Down to the last line, print the entries below exactly, and keep every picture out of the copy.

(Collected data)
---------------
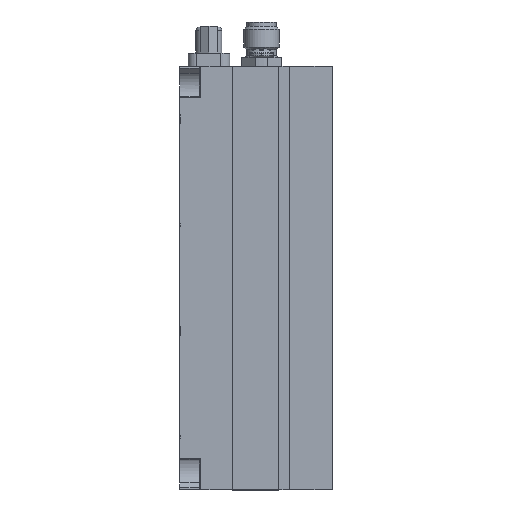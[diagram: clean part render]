
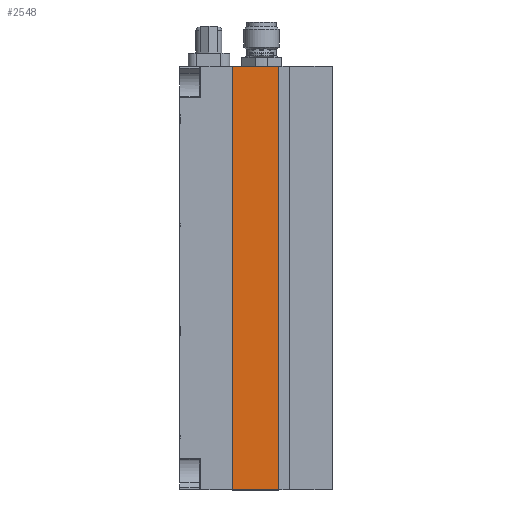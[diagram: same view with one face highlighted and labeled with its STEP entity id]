
A CAD part, left-side view. The second image highlights one B-rep face of the part: STEP entity #2548.
In plain terms, the highlighted planar face has unit normal (-1, 0, 0).
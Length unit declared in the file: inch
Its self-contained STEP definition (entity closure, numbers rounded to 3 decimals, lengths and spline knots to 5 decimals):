
#503 = ORIENTED_EDGE ( 'NONE', *, *, #7503, .T. ) ;
#1895 = VECTOR ( 'NONE', #8719, 39.37008 ) ;
#2442 = AXIS2_PLACEMENT_3D ( 'NONE', #4076, #6256, #21331 ) ;
#2548 = ADVANCED_FACE ( 'NONE', ( #10273 ), #19175, .F. ) ;
#2716 = CARTESIAN_POINT ( 'NONE',  ( -1., 0.7066, -1.5 ) ) ;
#4076 = CARTESIAN_POINT ( 'NONE',  ( -1., 0.7066, -1.5 ) ) ;
#4487 = CARTESIAN_POINT ( 'NONE',  ( -1., 0.3796, -1.5 ) ) ;
#5505 = DIRECTION ( 'NONE',  ( 0., -1., 0. ) ) ;
#6256 = DIRECTION ( 'NONE',  ( 1., 0., 0. ) ) ;
#6765 = DIRECTION ( 'NONE',  ( 0., 0., 1. ) ) ;
#7463 = LINE ( 'NONE', #18441, #12543 ) ;
#7503 = EDGE_CURVE ( 'NONE', #14628, #27420, #18543, .T. ) ;
#7599 = LINE ( 'NONE', #21624, #1895 ) ;
#7855 = ORIENTED_EDGE ( 'NONE', *, *, #21396, .T. ) ;
#8719 = DIRECTION ( 'NONE',  ( 0., -1., 0. ) ) ;
#10273 = FACE_OUTER_BOUND ( 'NONE', #24533, .T. ) ;
#11880 = CARTESIAN_POINT ( 'NONE',  ( -1., 0.7066, -1.5 ) ) ;
#12018 = VERTEX_POINT ( 'NONE', #2716 ) ;
#12543 = VECTOR ( 'NONE', #5505, 39.37008 ) ;
#12818 = VECTOR ( 'NONE', #6765, 39.37008 ) ;
#14025 = DIRECTION ( 'NONE',  ( 0., 0., 1. ) ) ;
#14628 = VERTEX_POINT ( 'NONE', #15284 ) ;
#15284 = CARTESIAN_POINT ( 'NONE',  ( -1., 0.3796, -1.5 ) ) ;
#16499 = LINE ( 'NONE', #11880, #21579 ) ;
#16832 = VERTEX_POINT ( 'NONE', #17729 ) ;
#17729 = CARTESIAN_POINT ( 'NONE',  ( -1., 0.7066, 1.5 ) ) ;
#18441 = CARTESIAN_POINT ( 'NONE',  ( -1., 0.7066, -1.5 ) ) ;
#18543 = LINE ( 'NONE', #4487, #12818 ) ;
#19175 = PLANE ( 'NONE',  #2442 ) ;
#20561 = CARTESIAN_POINT ( 'NONE',  ( -1., 0.3796, 1.5 ) ) ;
#21144 = ORIENTED_EDGE ( 'NONE', *, *, #23718, .F. ) ;
#21331 = DIRECTION ( 'NONE',  ( 0., 0., -1. ) ) ;
#21396 = EDGE_CURVE ( 'NONE', #12018, #14628, #7463, .T. ) ;
#21579 = VECTOR ( 'NONE', #14025, 39.37008 ) ;
#21624 = CARTESIAN_POINT ( 'NONE',  ( -1., 0.7066, 1.5 ) ) ;
#23718 = EDGE_CURVE ( 'NONE', #12018, #16832, #16499, .T. ) ;
#24533 = EDGE_LOOP ( 'NONE', ( #503, #25158, #21144, #7855 ) ) ;
#25158 = ORIENTED_EDGE ( 'NONE', *, *, #26365, .F. ) ;
#26365 = EDGE_CURVE ( 'NONE', #16832, #27420, #7599, .T. ) ;
#27420 = VERTEX_POINT ( 'NONE', #20561 ) ;
---------------
**Your response:**
[diagram: clean part render]
[diagram: same view with one face highlighted and labeled with its STEP entity id]
A CAD part, left-side view. The second image highlights one B-rep face of the part: STEP entity #2548.
In plain terms, the highlighted planar face has unit normal (-1, 0, 0).
Length unit declared in the file: inch
Its self-contained STEP definition (entity closure, numbers rounded to 3 decimals, lengths and spline knots to 5 decimals):
#503 = ORIENTED_EDGE ( 'NONE', *, *, #7503, .T. ) ;
#1895 = VECTOR ( 'NONE', #8719, 39.37008 ) ;
#2442 = AXIS2_PLACEMENT_3D ( 'NONE', #4076, #6256, #21331 ) ;
#2548 = ADVANCED_FACE ( 'NONE', ( #10273 ), #19175, .F. ) ;
#2716 = CARTESIAN_POINT ( 'NONE',  ( -1., 0.7066, -1.5 ) ) ;
#4076 = CARTESIAN_POINT ( 'NONE',  ( -1., 0.7066, -1.5 ) ) ;
#4487 = CARTESIAN_POINT ( 'NONE',  ( -1., 0.3796, -1.5 ) ) ;
#5505 = DIRECTION ( 'NONE',  ( 0., -1., 0. ) ) ;
#6256 = DIRECTION ( 'NONE',  ( 1., 0., 0. ) ) ;
#6765 = DIRECTION ( 'NONE',  ( 0., 0., 1. ) ) ;
#7463 = LINE ( 'NONE', #18441, #12543 ) ;
#7503 = EDGE_CURVE ( 'NONE', #14628, #27420, #18543, .T. ) ;
#7599 = LINE ( 'NONE', #21624, #1895 ) ;
#7855 = ORIENTED_EDGE ( 'NONE', *, *, #21396, .T. ) ;
#8719 = DIRECTION ( 'NONE',  ( 0., -1., 0. ) ) ;
#10273 = FACE_OUTER_BOUND ( 'NONE', #24533, .T. ) ;
#11880 = CARTESIAN_POINT ( 'NONE',  ( -1., 0.7066, -1.5 ) ) ;
#12018 = VERTEX_POINT ( 'NONE', #2716 ) ;
#12543 = VECTOR ( 'NONE', #5505, 39.37008 ) ;
#12818 = VECTOR ( 'NONE', #6765, 39.37008 ) ;
#14025 = DIRECTION ( 'NONE',  ( 0., 0., 1. ) ) ;
#14628 = VERTEX_POINT ( 'NONE', #15284 ) ;
#15284 = CARTESIAN_POINT ( 'NONE',  ( -1., 0.3796, -1.5 ) ) ;
#16499 = LINE ( 'NONE', #11880, #21579 ) ;
#16832 = VERTEX_POINT ( 'NONE', #17729 ) ;
#17729 = CARTESIAN_POINT ( 'NONE',  ( -1., 0.7066, 1.5 ) ) ;
#18441 = CARTESIAN_POINT ( 'NONE',  ( -1., 0.7066, -1.5 ) ) ;
#18543 = LINE ( 'NONE', #4487, #12818 ) ;
#19175 = PLANE ( 'NONE',  #2442 ) ;
#20561 = CARTESIAN_POINT ( 'NONE',  ( -1., 0.3796, 1.5 ) ) ;
#21144 = ORIENTED_EDGE ( 'NONE', *, *, #23718, .F. ) ;
#21331 = DIRECTION ( 'NONE',  ( 0., 0., -1. ) ) ;
#21396 = EDGE_CURVE ( 'NONE', #12018, #14628, #7463, .T. ) ;
#21579 = VECTOR ( 'NONE', #14025, 39.37008 ) ;
#21624 = CARTESIAN_POINT ( 'NONE',  ( -1., 0.7066, 1.5 ) ) ;
#23718 = EDGE_CURVE ( 'NONE', #12018, #16832, #16499, .T. ) ;
#24533 = EDGE_LOOP ( 'NONE', ( #503, #25158, #21144, #7855 ) ) ;
#25158 = ORIENTED_EDGE ( 'NONE', *, *, #26365, .F. ) ;
#26365 = EDGE_CURVE ( 'NONE', #16832, #27420, #7599, .T. ) ;
#27420 = VERTEX_POINT ( 'NONE', #20561 ) ;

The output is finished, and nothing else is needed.